Importance of Adherence to Timeline and Effective Implementation
While the IMF team’s recognition of Ghana’s economic stabilization indicates a positive trajectory for the country’s growth, strict adherence to the timeline and effective implementation of the required measures remain crucial. The successful completion of the IMF-supported program’s conditions will not only unlock the first review in November 2023 but also pave the way for subsequent tranches of financial support. This will bolster economic foundations and further enhance confidence among international investors and lenders, reinforcing Ghana’s position as an attractive investment destination.
Ghana’s race against time to fulfill the IMF’s conditions by the end of June 2023 is a critical milestone in the country’s pursuit of economic stability.

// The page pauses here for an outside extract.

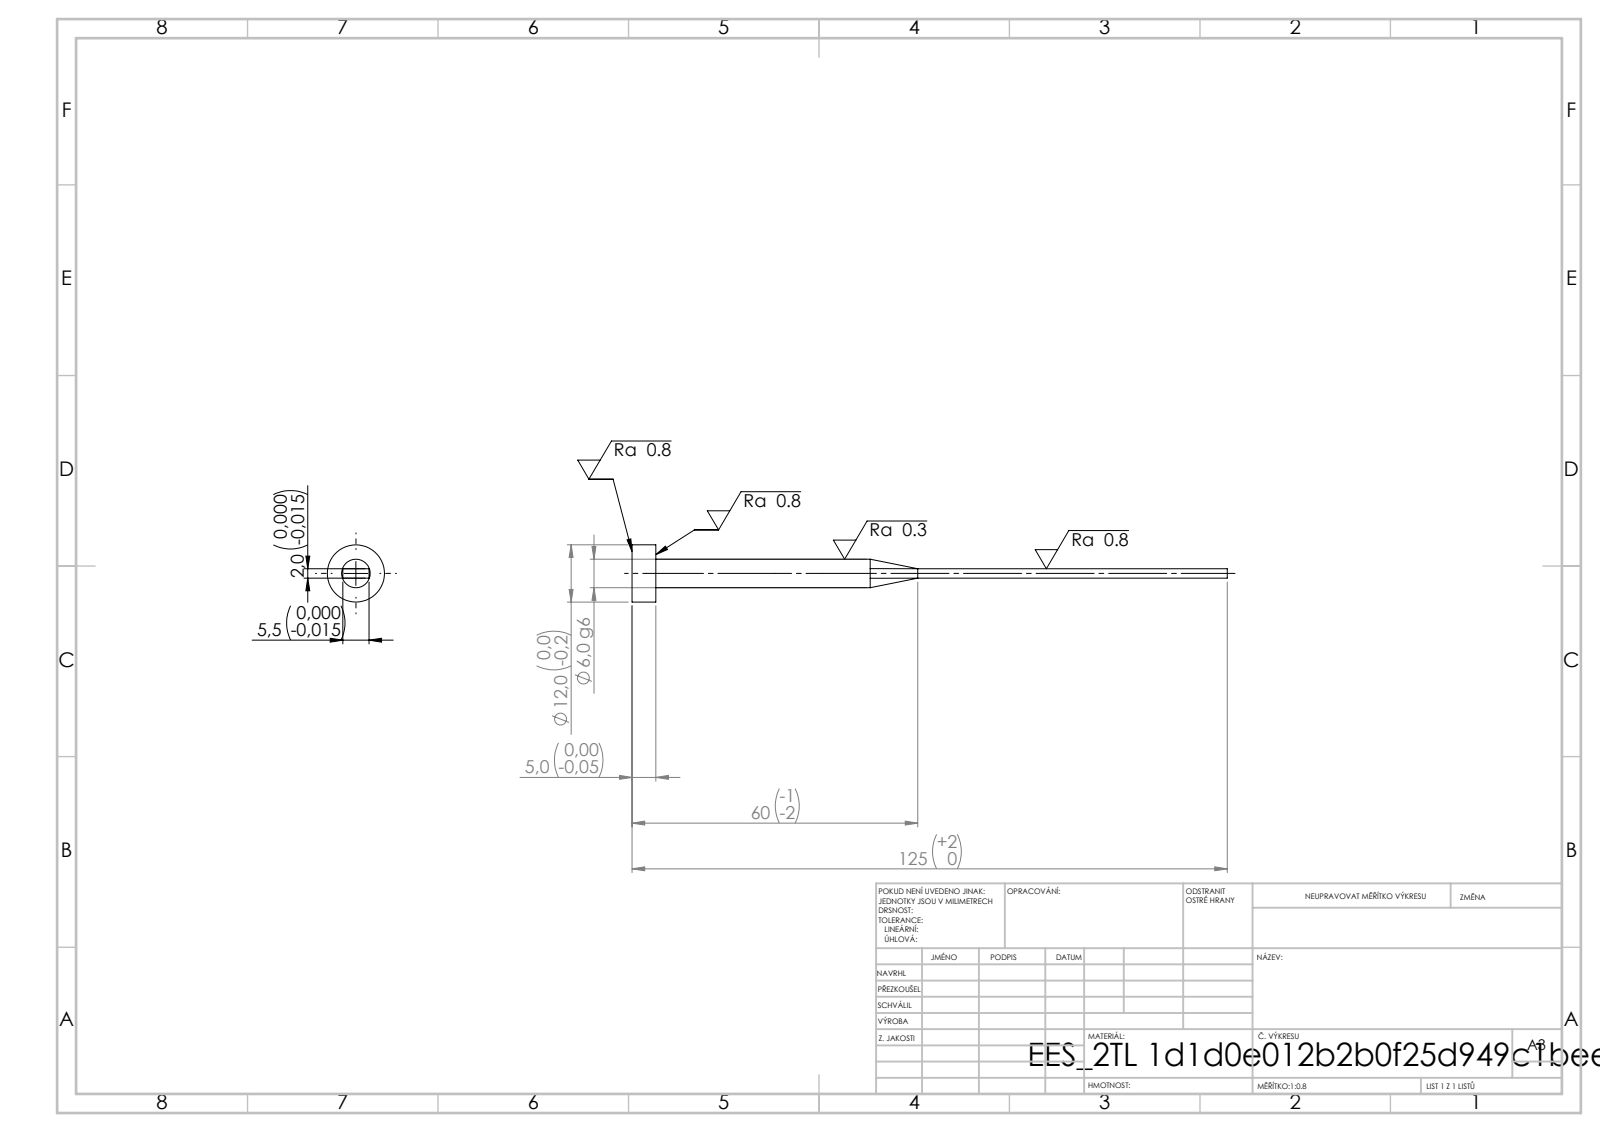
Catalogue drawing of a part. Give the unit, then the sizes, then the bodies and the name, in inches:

The fulfillment of these conditions, covering fiscal operations, financial sector stability, and energy sector reforms, is pivotal for unlocking the first review of the Extended Credit Facility arrangement and subsequent tranches of financial support. Ghana’s commitment to timely arrears clearance, fortifying the financial sector, and implementing energy sector reforms will lay a solid foundation for sustained economic growth and enhance investor confidence. As the IMF team acknowledged, strict adherence to the timeline and effective implementation of the necessary measures are imperative for the government and its stakeholders to achieve the desired outcomes and secure a positive trajectory for Ghana’s future.